Ach Rolf, man braucht doch bei Läufen (nun nicht gleich die kompliziertesten) einfach nur die Geschwindigkeit zu reduzieren, schon funktioniert das auch für weniger Fortgeschrittene.

Aber danke für den Hinweis auf Prof. Goldenweiser.

Viele Grüße

Terri
 
Ach Rolf, man braucht doch bei Läufen (nun nicht gleich die kompliziertesten) einfach nur die Geschwindigkeit zu reduzieren, schon funktioniert das auch für weniger Fortgeschrittene.
ist dir aufgefallen, dass ich mehrmals versucht habe, Godowski & Co. erstmal beiseite zu lassen? ;)
...ob es hilft, eine (noch) untrainierte linke Hand allein durch "mach halt mal langsam" zu verbessern, scheint mir zweifelhaft - man sollte, wie hier schon empfohlen, mehrere Übungsweisen berücksichtigen.
 
ist dir aufgefallen, dass ich mehrmals versucht habe, Godowski & Co. erstmal beiseite zu lassen? ;)
...ob es hilft, eine (noch) untrainierte linke Hand allein durch "mach halt mal langsam" zu verbessern, scheint mir zweifelhaft - man sollte, wie hier schon empfohlen, mehrere Übungsweisen berücksichtigen.
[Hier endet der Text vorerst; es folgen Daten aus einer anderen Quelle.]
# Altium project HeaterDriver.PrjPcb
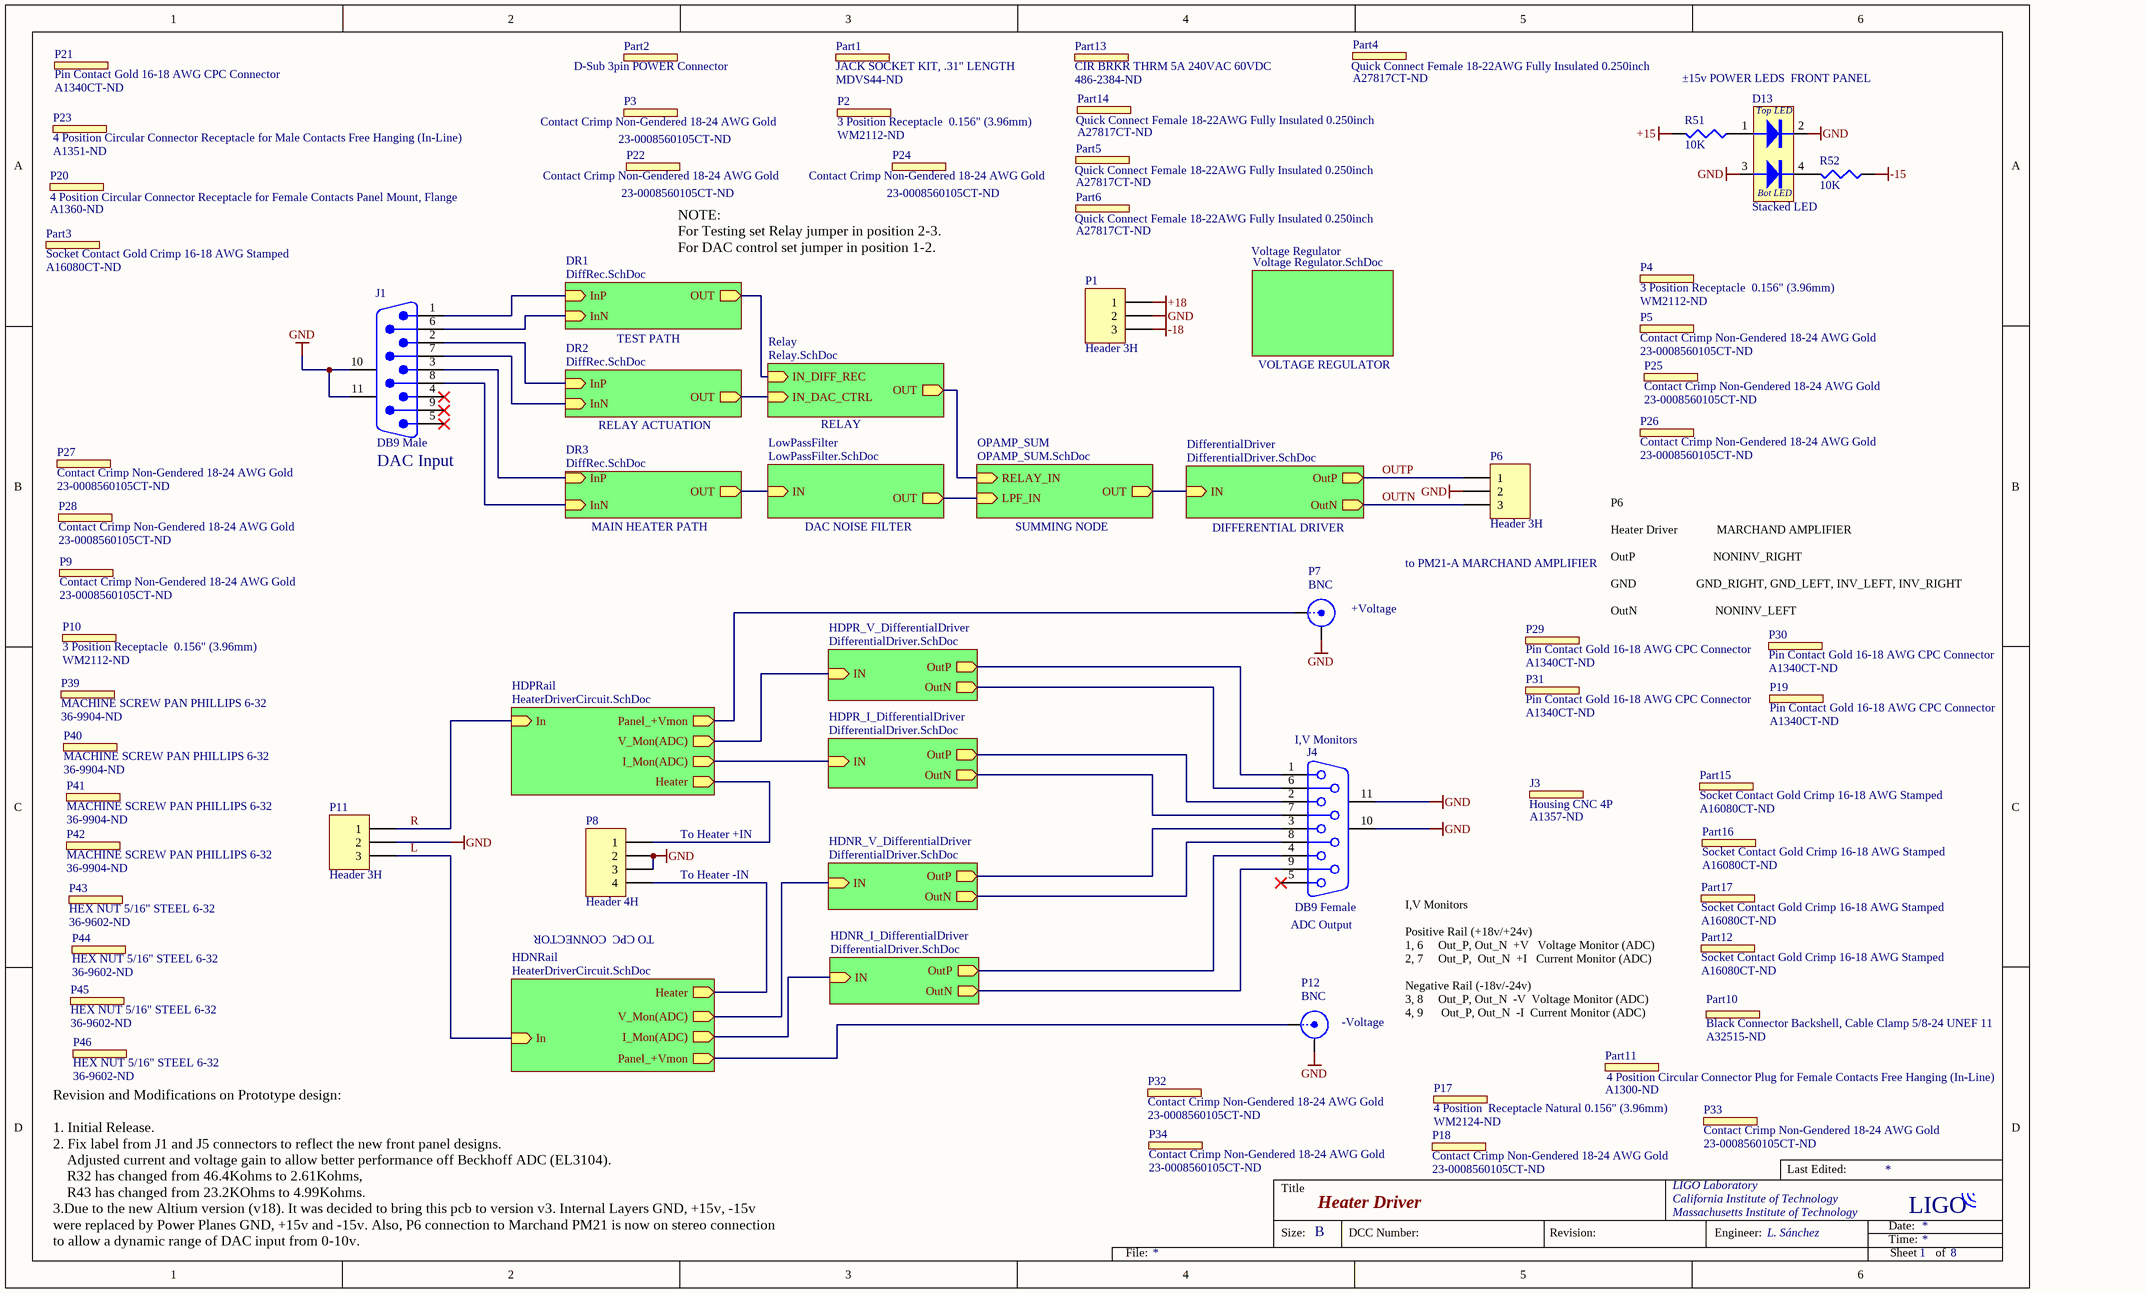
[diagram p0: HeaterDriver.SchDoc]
DCC: D1600454; REV: 3
8 sheets, 332 parts. Net scope: hierarchical (ports join the sheet entries above them; power ports are global).
Board file: HeaterContollerDriver.PcbDoc
Sheets:
  HeaterDriver.SchDoc
    Relay = Relay.SchDoc
    OPAMP_SUM = OPAMP_SUM.SchDoc
    LowPassFilter = LowPassFilter.SchDoc
    DR1 = DiffRec.SchDoc
    DR2 = DiffRec.SchDoc
    DR3 = DiffRec.SchDoc
    HDNR_I_DifferentialDriver = DifferentialDriver.SchDoc
    HDNR_V_DifferentialDriver = DifferentialDriver.SchDoc
    Voltage Regulator = Voltage Regulator.SchDoc
    HDPRail = HeaterDriverCircuit.SchDoc
    HDNRail = HeaterDriverCircuit.SchDoc
    DifferentialDriver = DifferentialDriver.SchDoc
    HDPR_V_DifferentialDriver = DifferentialDriver.SchDoc
    HDPR_I_DifferentialDriver = DifferentialDriver.SchDoc

## Sheet HeaterDriver.SchDoc: Heater Driver
size B; Organization: LIGO Laboratory; Address1: California Institute of Technology; Address2: Massachusetts Institute of Technology; DocumentNumber: D1600454; Revision: 3; SheetNumber: 1; SheetTotal: 8; Engineer: L. Sánchez

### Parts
D13  Stacked LED  [my LUMEX Dual LED]
J1  DB9 Male  [DB9M-RA]
J3  Housing CNC 4P  Digikey Part Number: A1357-ND  (mechanical)
J4  DB9 Female  [DB9F-RA]
P1  Header 3H  [Molex_156_RA_3]
P2  3 Position Receptacle  0.156" (3.96mm)  Digikey Part Number: WM2112-ND  (mechanical)
P3  Contact Crimp Non-Gendered 18-24 AWG Gold  Digikey Part Number: 23-0008560105CT-ND  (mechanical)
P4  3 Position Receptacle  0.156" (3.96mm)  Digikey Part Number: WM2112-ND  (mechanical)
P5  Contact Crimp Non-Gendered 18-24 AWG Gold  Digikey Part Number: 23-0008560105CT-ND  (mechanical)
P6  Header 3H  [Molex_156_RA_3]
P7  BNC  [BNC4]
P8  Header 4H  [Molex_156_RA_4]
P9  Contact Crimp Non-Gendered 18-24 AWG Gold  Digikey Part Number: 23-0008560105CT-ND  (mechanical)
P10  3 Position Receptacle  0.156" (3.96mm)  Digikey Part Number: WM2112-ND  (mechanical)
P11  Header 3H  [Molex_156_RA_3]
P12  BNC  [BNC4]
P17  4 Position  Receptacle Natural 0.156" (3.96mm)  Digikey Part Number: WM2124-ND  (mechanical)
P18  Contact Crimp Non-Gendered 18-24 AWG Gold  Digikey Part Number: 23-0008560105CT-ND  (mechanical)
P19  Pin Contact Gold 16-18 AWG CPC Connector  Digikey Part Number: A1340CT-ND  (mechanical)
P20  4 Position Circular Connector Receptacle for Female Contacts Panel Mount, Flange  Digikey Part Number: A1360-ND  (mechanical)
P21  Pin Contact Gold 16-18 AWG CPC Connector  Digikey Part Number: A1340CT-ND  (mechanical)
P22  Contact Crimp Non-Gendered 18-24 AWG Gold  Digikey Part Number: 23-0008560105CT-ND  (mechanical)
P23  4 Position Circular Connector Receptacle for Male Contacts Free Hanging (In-Line)  Digikey Part Number: A1351-ND  (mechanical)
P24  Contact Crimp Non-Gendered 18-24 AWG Gold  Digikey Part Number: 23-0008560105CT-ND  (mechanical)
P25  Contact Crimp Non-Gendered 18-24 AWG Gold  Digikey Part Number: 23-0008560105CT-ND  (mechanical)
P26  Contact Crimp Non-Gendered 18-24 AWG Gold  Digikey Part Number: 23-0008560105CT-ND  (mechanical)
P27  Contact Crimp Non-Gendered 18-24 AWG Gold  Digikey Part Number: 23-0008560105CT-ND  (mechanical)
P28  Contact Crimp Non-Gendered 18-24 AWG Gold  Digikey Part Number: 23-0008560105CT-ND  (mechanical)
P29  Pin Contact Gold 16-18 AWG CPC Connector  Digikey Part Number: A1340CT-ND  (mechanical)
P30  Pin Contact Gold 16-18 AWG CPC Connector  Digikey Part Number: A1340CT-ND  (mechanical)
P31  Pin Contact Gold 16-18 AWG CPC Connector  Digikey Part Number: A1340CT-ND  (mechanical)
P32  Contact Crimp Non-Gendered 18-24 AWG Gold  Digikey Part Number: 23-0008560105CT-ND  (mechanical)
P33  Contact Crimp Non-Gendered 18-24 AWG Gold  Digikey Part Number: 23-0008560105CT-ND  (mechanical)
P34  Contact Crimp Non-Gendered 18-24 AWG Gold  Digikey Part Number: 23-0008560105CT-ND  (mechanical)
P39  MACHINE SCREW PAN PHILLIPS 6-32  Digikey Part Number: 36-9904-ND  (mechanical)
P40  MACHINE SCREW PAN PHILLIPS 6-32  Digikey Part Number: 36-9904-ND  (mechanical)
P41  MACHINE SCREW PAN PHILLIPS 6-32  Digikey Part Number: 36-9904-ND  (mechanical)
P42  MACHINE SCREW PAN PHILLIPS 6-32  Digikey Part Number: 36-9904-ND  (mechanical)
P43  HEX NUT 5/16" STEEL 6-32  Digikey Part Number: 36-9602-ND  (mechanical)
P44  HEX NUT 5/16" STEEL 6-32  Digikey Part Number: 36-9602-ND  (mechanical)
P45  HEX NUT 5/16" STEEL 6-32  Digikey Part Number: 36-9602-ND  (mechanical)
P46  HEX NUT 5/16" STEEL 6-32  Digikey Part Number: 36-9602-ND  (mechanical)
Part1  JACK SOCKET KIT, .31" LENGTH  Digikey Part Number: MDVS44-ND  (mechanical)
Part2  D-Sub 3pin POWER Connector  (mechanical)
Part3  Socket Contact Gold Crimp 16-18 AWG Stamped  Digikey Part Number: A16080CT-ND  (mechanical)
Part4  Quick Connect Female 18-22AWG Fully Insulated 0.250inch  Digikey Part Number: A27817CT-ND  (mechanical)
Part5  Quick Connect Female 18-22AWG Fully Insulated 0.250inch  Digikey Part Number: A27817CT-ND  (mechanical)
Part6  Quick Connect Female 18-22AWG Fully Insulated 0.250inch  Digikey Part Number: A27817CT-ND  (mechanical)
Part10  Black Connector Backshell, Cable Clamp 5/8-24 UNEF 11  Digikey Part Number: A32515-ND  (mechanical)
Part11  4 Position Circular Connector Plug for Female Contacts Free Hanging (In-Line)  Digikey Part Number: A1300-ND  (mechanical)
Part12  Socket Contact Gold Crimp 16-18 AWG Stamped  Digikey Part Number: A16080CT-ND  (mechanical)
Part13  CIR BRKR THRM 5A 240VAC 60VDC  Digikey Part Number: 486-2384-ND  (mechanical)
Part14  Quick Connect Female 18-22AWG Fully Insulated 0.250inch  Digikey Part Number: A27817CT-ND  (mechanical)
Part15  Socket Contact Gold Crimp 16-18 AWG Stamped  Digikey Part Number: A16080CT-ND  (mechanical)
Part16  Socket Contact Gold Crimp 16-18 AWG Stamped  Digikey Part Number: A16080CT-ND  (mechanical)
Part17  Socket Contact Gold Crimp 16-18 AWG Stamped  Digikey Part Number: A16080CT-ND  (mechanical)
R51  value 10K  [CR3216-1206]  (hidden comment: 10K Resistor 1206 0.25W 0.1%)
R52  value 10K  [CR3216-1206]  (hidden comment: 10K Resistor 1206 0.25W 0.1%)

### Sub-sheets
DifferentialDriver = DifferentialDriver.SchDoc: IN (in), OutN (out), OutP (out)
DR1 = DiffRec.SchDoc: InP (in), InN (in), OUT (out)
DR2 = DiffRec.SchDoc: InP (in), InN (in), OUT (out)
DR3 = DiffRec.SchDoc: InP (in), InN (in), OUT (out)
HDNR_I_DifferentialDriver = DifferentialDriver.SchDoc: IN (in), OutN (out), OutP (out)
HDNR_V_DifferentialDriver = DifferentialDriver.SchDoc: IN (in), OutN (out), OutP (out)
HDNRail = HeaterDriverCircuit.SchDoc: In (in), I_Mon(ADC) (out), Heater (out), Panel_+Vmon (out), V_Mon(ADC) (out)
HDPR_I_DifferentialDriver = DifferentialDriver.SchDoc: IN (in), OutN (out), OutP (out)
HDPR_V_DifferentialDriver = DifferentialDriver.SchDoc: IN (in), OutN (out), OutP (out)
HDPRail = HeaterDriverCircuit.SchDoc: In (in), I_Mon(ADC) (out), Heater (out), Panel_+Vmon (out), V_Mon(ADC) (out)
LowPassFilter = LowPassFilter.SchDoc: IN (in), OUT (out)
OPAMP_SUM = OPAMP_SUM.SchDoc: RELAY_IN (in), LPF_IN (in), OUT (out)
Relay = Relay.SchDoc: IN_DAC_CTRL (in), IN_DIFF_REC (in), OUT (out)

An Godowski traue ich mich auch nicht ran. :twisted:
Und natürlich sollte man immer mehrere Übeweisen berücksichtigen, ich würde das niemals bestreiten. Ich würde für die linke Hand auch Bach und Laufwerk empfehlen. Ich meinte ja nur, dass es möglich ist, z.B. Tonleitern auch mal auf diese Weise zu üben, eben zusätzlich, als Variante. Und natürlich nicht langsam, sondern in einem dem eigenen Können angemessenen Tempo.